## Assignment
An exact repeat is needed of the lines from the one with "# Autodesk Inventor assembly: A19-8ハンドル部" through the last line of the data below. Please omit the pictures.

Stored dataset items

^^^^

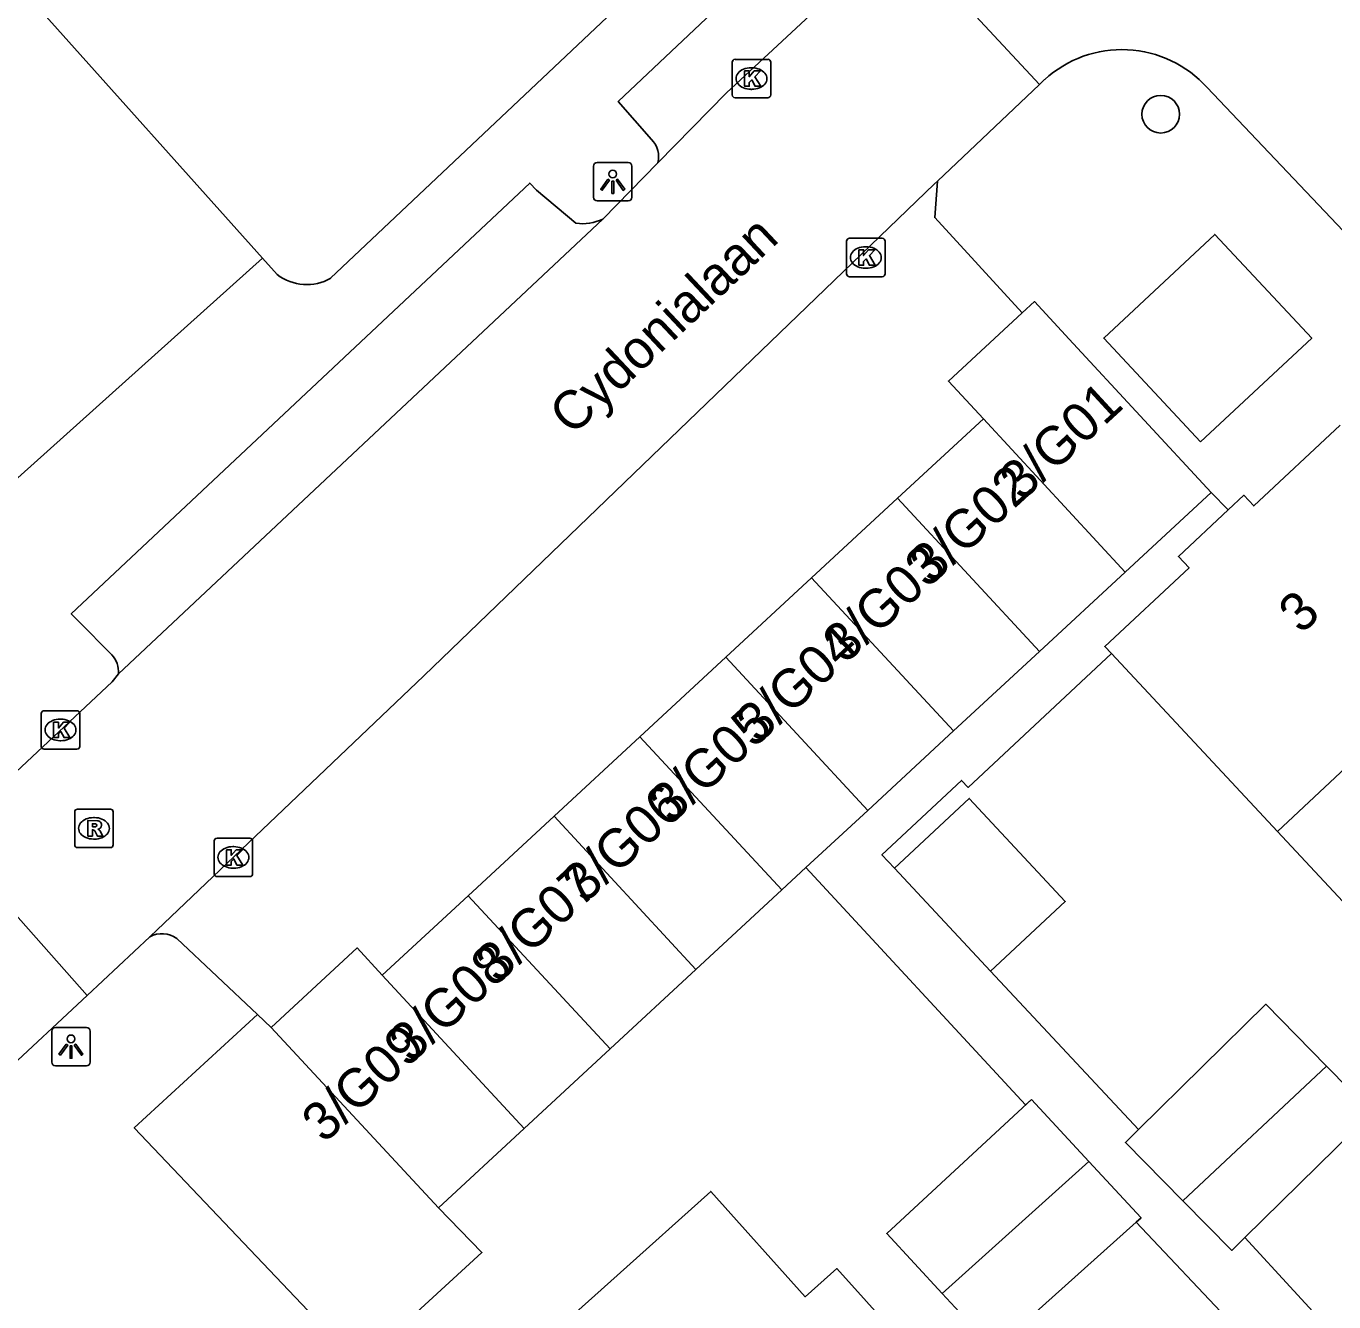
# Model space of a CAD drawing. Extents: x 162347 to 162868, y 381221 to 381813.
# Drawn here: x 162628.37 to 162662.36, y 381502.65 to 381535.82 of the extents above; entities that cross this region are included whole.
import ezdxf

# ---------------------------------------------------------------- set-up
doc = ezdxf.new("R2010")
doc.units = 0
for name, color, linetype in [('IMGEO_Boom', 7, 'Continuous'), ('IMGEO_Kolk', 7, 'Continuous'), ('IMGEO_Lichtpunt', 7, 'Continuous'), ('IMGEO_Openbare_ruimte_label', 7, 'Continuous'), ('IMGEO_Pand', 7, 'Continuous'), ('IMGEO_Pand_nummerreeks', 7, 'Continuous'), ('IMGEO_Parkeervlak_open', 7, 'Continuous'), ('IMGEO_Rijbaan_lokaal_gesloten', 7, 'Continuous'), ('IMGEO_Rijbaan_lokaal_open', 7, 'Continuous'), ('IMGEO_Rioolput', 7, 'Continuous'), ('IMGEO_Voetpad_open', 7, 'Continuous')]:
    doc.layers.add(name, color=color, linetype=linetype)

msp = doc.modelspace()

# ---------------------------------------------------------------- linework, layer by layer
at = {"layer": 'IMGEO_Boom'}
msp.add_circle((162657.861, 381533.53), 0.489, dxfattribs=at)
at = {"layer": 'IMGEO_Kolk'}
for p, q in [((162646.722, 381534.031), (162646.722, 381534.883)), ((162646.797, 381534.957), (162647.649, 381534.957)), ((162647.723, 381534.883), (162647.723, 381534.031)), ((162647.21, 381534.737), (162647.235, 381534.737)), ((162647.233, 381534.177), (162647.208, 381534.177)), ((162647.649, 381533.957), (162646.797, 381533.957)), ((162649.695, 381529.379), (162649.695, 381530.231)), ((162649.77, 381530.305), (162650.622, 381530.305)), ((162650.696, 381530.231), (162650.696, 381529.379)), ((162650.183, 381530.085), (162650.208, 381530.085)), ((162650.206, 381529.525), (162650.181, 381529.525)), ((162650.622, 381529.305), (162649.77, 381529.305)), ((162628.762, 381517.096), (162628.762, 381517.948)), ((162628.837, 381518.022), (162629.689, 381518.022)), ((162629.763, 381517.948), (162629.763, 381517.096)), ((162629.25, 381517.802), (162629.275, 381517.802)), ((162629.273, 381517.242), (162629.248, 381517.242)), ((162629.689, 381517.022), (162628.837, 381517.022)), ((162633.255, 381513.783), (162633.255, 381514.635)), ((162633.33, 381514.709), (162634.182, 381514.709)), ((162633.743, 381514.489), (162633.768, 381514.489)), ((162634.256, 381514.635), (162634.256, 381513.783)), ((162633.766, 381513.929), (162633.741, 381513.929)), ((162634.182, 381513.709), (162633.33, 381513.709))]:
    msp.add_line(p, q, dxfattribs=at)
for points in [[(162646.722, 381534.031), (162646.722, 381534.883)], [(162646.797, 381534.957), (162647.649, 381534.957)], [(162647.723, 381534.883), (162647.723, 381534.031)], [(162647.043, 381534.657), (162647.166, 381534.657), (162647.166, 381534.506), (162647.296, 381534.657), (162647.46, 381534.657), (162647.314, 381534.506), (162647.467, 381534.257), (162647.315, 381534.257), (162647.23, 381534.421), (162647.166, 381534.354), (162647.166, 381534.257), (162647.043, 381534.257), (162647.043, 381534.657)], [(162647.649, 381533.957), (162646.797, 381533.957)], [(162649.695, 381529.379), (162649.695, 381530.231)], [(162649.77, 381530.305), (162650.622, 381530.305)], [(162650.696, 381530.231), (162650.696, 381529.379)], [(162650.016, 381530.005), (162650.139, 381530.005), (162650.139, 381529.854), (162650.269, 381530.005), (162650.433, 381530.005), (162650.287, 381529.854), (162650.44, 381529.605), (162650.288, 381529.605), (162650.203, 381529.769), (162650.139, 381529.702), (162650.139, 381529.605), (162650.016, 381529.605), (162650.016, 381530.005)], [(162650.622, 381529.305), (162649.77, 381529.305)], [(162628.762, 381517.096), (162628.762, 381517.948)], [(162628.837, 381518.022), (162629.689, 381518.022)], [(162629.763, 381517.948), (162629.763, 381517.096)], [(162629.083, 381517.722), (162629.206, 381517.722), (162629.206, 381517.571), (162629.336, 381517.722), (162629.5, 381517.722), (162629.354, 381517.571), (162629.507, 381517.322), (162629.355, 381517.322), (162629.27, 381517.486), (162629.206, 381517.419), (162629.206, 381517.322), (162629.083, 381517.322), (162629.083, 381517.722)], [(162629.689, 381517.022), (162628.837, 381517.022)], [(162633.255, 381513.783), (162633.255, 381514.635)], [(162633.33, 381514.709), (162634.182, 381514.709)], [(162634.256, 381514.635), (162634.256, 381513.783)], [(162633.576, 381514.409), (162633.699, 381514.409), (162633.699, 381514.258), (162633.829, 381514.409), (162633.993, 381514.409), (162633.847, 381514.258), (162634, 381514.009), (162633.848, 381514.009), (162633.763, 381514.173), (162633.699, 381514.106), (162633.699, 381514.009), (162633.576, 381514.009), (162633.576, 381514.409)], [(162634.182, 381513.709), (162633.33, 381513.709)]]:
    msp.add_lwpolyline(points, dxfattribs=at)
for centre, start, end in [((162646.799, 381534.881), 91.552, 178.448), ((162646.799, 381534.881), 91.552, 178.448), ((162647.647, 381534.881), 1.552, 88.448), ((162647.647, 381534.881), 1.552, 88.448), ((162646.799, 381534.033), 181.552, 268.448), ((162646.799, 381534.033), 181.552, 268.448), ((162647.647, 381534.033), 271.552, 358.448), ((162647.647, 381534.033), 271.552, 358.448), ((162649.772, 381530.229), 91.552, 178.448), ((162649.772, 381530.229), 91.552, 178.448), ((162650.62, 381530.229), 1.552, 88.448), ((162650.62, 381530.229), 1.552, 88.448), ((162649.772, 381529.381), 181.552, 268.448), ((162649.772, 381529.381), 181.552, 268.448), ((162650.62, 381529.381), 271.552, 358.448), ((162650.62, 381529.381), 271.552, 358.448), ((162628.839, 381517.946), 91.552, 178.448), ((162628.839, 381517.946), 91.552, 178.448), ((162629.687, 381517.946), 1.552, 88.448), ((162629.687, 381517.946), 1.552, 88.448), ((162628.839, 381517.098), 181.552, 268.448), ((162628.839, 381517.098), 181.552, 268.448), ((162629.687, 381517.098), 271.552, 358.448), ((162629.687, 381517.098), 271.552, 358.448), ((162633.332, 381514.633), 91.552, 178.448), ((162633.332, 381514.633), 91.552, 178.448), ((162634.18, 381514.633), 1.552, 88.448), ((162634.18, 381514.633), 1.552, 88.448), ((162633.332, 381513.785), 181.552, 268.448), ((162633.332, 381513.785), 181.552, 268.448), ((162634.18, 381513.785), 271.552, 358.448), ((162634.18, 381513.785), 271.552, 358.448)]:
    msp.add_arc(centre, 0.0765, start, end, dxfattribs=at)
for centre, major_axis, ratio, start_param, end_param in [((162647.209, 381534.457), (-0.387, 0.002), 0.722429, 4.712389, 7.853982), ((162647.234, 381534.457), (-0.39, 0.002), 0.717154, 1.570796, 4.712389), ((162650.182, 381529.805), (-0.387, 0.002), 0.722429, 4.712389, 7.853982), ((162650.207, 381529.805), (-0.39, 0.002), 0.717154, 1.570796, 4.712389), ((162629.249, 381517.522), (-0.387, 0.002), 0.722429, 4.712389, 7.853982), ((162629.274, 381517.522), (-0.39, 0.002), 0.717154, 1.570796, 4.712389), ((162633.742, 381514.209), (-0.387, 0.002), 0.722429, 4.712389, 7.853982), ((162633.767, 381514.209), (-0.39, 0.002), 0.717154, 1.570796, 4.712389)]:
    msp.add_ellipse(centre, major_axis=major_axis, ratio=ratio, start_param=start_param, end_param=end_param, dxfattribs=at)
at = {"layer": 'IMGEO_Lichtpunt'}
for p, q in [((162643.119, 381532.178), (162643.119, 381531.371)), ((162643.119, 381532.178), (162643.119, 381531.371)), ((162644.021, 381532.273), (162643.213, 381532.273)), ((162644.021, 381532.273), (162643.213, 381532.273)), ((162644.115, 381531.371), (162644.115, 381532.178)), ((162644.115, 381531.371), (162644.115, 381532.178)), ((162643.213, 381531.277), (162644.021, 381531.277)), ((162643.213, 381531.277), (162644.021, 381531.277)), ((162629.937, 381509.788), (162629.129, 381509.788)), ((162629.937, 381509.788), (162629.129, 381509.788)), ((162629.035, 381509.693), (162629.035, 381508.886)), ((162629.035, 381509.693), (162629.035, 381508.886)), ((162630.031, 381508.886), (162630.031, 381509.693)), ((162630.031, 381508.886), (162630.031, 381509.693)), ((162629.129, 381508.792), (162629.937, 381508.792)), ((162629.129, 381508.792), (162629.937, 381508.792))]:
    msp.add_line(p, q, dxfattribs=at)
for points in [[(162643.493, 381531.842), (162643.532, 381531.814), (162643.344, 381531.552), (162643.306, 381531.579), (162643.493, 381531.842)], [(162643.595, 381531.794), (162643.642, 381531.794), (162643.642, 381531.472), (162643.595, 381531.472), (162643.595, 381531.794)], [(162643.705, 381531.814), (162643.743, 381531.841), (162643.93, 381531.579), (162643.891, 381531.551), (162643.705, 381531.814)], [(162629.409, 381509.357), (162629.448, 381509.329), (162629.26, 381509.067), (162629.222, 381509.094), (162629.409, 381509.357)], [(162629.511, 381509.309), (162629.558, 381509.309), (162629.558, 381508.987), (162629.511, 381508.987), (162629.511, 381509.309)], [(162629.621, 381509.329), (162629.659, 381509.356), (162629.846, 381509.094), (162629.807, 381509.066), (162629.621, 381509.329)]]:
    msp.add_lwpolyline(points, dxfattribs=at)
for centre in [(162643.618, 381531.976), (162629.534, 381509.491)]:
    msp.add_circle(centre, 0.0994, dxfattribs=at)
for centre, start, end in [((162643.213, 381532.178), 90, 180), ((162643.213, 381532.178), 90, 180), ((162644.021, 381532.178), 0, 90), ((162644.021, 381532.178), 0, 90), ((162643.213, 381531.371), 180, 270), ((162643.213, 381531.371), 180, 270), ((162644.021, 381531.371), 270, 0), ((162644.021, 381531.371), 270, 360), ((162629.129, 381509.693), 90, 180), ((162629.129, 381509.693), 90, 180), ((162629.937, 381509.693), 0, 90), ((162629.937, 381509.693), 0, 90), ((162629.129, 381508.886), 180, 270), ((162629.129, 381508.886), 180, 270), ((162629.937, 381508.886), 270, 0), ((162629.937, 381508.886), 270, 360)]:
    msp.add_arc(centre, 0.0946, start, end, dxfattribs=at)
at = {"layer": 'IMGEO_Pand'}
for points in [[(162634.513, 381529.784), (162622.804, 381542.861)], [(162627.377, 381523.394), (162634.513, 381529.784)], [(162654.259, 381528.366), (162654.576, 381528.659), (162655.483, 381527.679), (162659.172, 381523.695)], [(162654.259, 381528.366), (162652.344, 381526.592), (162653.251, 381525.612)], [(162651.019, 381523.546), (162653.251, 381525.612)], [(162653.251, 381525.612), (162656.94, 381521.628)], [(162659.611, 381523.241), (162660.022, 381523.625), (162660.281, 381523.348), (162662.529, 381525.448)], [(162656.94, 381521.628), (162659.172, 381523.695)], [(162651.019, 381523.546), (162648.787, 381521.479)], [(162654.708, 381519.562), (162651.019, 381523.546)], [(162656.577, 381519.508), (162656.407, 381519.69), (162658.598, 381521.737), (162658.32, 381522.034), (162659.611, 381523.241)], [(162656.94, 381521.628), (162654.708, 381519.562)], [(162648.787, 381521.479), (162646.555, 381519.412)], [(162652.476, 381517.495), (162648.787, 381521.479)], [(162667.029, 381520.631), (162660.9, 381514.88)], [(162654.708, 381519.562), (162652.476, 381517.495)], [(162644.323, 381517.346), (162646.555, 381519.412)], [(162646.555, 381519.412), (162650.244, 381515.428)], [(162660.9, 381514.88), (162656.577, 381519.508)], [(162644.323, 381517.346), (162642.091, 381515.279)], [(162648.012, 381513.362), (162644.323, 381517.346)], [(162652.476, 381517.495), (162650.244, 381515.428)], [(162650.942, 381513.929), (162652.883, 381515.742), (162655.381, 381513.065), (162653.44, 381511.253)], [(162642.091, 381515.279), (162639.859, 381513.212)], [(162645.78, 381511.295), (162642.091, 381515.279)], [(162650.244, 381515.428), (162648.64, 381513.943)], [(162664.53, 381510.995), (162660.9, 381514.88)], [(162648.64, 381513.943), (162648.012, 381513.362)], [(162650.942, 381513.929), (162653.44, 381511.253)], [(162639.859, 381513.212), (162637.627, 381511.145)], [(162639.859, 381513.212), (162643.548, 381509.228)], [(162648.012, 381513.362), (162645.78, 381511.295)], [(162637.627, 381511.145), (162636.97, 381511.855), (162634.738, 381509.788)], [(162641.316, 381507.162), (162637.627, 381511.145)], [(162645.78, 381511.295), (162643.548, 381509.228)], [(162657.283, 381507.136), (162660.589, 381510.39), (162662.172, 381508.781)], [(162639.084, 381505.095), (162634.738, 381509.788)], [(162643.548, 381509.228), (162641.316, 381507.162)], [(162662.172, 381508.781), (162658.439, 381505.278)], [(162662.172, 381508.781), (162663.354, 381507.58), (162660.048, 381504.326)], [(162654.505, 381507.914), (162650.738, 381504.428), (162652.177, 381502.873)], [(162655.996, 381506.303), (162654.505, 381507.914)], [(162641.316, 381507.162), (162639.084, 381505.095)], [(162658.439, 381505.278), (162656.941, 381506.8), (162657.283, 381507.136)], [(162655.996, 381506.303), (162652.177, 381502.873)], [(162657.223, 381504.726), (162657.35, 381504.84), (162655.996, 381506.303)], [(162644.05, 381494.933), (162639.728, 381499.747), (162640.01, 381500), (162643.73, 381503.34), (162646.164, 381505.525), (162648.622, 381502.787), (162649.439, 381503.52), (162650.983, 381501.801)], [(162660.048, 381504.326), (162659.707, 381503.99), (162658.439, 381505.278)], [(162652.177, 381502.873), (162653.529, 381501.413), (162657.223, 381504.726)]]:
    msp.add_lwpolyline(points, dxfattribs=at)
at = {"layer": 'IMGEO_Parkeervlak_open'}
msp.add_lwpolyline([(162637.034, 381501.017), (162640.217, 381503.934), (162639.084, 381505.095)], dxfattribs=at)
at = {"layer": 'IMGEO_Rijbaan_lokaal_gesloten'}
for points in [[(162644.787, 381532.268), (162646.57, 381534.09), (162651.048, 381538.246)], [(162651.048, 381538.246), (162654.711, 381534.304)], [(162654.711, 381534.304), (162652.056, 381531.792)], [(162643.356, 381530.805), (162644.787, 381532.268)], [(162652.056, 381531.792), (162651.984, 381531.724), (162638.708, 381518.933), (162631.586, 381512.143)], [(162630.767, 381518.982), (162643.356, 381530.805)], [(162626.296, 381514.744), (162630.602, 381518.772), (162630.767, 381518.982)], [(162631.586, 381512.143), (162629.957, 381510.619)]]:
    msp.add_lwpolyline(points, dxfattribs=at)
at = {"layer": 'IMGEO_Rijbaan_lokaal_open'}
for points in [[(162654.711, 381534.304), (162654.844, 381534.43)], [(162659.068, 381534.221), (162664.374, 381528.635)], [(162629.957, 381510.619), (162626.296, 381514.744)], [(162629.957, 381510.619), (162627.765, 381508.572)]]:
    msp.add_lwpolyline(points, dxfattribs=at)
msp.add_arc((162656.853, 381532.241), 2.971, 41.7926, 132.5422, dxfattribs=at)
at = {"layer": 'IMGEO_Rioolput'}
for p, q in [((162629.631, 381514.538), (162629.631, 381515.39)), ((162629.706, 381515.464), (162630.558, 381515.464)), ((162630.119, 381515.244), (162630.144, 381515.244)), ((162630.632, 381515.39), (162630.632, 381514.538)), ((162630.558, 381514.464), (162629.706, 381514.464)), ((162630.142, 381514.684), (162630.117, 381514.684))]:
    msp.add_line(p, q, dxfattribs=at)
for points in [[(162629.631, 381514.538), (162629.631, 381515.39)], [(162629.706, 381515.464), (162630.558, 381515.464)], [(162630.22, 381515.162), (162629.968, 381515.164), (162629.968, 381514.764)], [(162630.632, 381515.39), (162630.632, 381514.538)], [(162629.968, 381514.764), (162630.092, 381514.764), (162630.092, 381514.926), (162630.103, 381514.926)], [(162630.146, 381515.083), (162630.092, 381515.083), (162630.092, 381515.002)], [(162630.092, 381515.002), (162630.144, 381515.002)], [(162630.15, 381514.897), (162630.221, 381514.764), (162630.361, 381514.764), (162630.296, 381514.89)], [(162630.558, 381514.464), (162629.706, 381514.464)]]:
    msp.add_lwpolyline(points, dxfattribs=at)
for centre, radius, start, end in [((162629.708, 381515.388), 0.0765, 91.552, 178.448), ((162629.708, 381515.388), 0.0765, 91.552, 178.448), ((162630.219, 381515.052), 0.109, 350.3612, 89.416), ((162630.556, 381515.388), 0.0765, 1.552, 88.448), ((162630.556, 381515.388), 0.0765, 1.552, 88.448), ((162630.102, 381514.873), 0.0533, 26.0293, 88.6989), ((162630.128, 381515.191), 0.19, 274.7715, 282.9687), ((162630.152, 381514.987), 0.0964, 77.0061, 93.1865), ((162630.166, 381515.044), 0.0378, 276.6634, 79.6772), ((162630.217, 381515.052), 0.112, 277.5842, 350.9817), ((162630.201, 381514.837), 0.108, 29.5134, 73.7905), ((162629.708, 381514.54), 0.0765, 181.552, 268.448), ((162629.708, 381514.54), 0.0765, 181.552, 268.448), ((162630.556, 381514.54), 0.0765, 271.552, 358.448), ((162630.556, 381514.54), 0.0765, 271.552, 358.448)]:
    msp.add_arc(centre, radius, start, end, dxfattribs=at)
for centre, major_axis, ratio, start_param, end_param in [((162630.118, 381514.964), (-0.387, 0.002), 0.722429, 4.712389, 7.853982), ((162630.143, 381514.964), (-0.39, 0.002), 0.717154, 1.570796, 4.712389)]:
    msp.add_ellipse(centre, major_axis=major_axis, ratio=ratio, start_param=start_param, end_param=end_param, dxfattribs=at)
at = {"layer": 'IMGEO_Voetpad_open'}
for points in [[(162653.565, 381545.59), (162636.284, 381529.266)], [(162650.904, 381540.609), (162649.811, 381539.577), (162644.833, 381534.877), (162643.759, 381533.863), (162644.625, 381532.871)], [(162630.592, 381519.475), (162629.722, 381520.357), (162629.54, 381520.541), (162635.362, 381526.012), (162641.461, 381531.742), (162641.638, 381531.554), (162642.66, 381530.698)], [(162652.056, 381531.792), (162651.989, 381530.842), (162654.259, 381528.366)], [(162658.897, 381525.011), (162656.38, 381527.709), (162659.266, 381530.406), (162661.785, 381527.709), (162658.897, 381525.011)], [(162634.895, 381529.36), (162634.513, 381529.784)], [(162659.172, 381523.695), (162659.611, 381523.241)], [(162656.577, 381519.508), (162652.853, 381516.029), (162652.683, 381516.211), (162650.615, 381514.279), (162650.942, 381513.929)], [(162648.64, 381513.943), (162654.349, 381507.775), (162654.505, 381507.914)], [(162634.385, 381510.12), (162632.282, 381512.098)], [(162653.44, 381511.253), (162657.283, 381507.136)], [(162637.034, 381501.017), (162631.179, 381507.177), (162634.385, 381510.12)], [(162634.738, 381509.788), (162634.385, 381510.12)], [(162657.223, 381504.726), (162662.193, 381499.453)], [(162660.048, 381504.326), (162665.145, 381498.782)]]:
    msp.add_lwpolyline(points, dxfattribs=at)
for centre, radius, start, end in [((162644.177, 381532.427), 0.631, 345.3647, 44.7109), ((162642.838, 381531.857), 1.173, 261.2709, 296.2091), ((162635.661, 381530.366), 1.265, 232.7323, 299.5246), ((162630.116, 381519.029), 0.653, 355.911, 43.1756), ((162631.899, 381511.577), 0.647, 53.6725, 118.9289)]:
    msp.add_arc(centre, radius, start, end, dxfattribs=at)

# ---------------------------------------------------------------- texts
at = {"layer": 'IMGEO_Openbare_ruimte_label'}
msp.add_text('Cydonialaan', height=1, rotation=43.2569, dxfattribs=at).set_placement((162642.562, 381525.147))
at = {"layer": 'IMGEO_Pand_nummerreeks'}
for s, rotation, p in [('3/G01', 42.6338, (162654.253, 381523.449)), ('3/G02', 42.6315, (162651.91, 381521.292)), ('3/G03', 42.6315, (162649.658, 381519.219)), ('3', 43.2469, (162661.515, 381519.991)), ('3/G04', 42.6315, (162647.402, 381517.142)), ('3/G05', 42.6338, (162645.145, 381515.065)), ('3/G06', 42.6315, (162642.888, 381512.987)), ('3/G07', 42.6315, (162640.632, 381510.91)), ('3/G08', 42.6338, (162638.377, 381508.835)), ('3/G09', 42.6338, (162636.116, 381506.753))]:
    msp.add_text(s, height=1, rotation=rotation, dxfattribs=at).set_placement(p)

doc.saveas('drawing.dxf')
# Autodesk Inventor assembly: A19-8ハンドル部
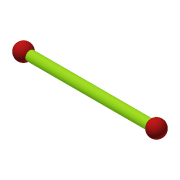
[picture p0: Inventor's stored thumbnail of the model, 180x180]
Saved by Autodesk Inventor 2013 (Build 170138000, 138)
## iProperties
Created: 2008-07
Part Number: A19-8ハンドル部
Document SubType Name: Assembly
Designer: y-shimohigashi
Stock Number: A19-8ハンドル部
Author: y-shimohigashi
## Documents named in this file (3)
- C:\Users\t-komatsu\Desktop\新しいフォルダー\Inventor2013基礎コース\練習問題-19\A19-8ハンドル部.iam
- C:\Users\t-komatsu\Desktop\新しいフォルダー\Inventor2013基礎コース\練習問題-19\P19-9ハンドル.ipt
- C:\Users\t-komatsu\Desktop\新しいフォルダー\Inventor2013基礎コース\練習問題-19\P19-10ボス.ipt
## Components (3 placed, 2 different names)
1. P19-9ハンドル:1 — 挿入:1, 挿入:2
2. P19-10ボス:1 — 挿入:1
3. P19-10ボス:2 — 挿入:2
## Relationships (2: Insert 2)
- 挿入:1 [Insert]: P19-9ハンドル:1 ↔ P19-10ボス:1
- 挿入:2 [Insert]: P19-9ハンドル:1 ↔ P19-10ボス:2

^^^^

## Answer
# Autodesk Inventor assembly: A19-8ハンドル部
[picture p0: Inventor's stored thumbnail of the model, 180x180]
Saved by Autodesk Inventor 2013 (Build 170138000, 138)
## iProperties
Created: 2008-07
Part Number: A19-8ハンドル部
Document SubType Name: Assembly
Designer: y-shimohigashi
Stock Number: A19-8ハンドル部
Author: y-shimohigashi
## Documents named in this file (3)
- C:\Users\t-komatsu\Desktop\新しいフォルダー\Inventor2013基礎コース\練習問題-19\A19-8ハンドル部.iam
- C:\Users\t-komatsu\Desktop\新しいフォルダー\Inventor2013基礎コース\練習問題-19\P19-9ハンドル.ipt
- C:\Users\t-komatsu\Desktop\新しいフォルダー\Inventor2013基礎コース\練習問題-19\P19-10ボス.ipt
## Components (3 placed, 2 different names)
1. P19-9ハンドル:1 — 挿入:1, 挿入:2
2. P19-10ボス:1 — 挿入:1
3. P19-10ボス:2 — 挿入:2
## Relationships (2: Insert 2)
- 挿入:1 [Insert]: P19-9ハンドル:1 ↔ P19-10ボス:1
- 挿入:2 [Insert]: P19-9ハンドル:1 ↔ P19-10ボス:2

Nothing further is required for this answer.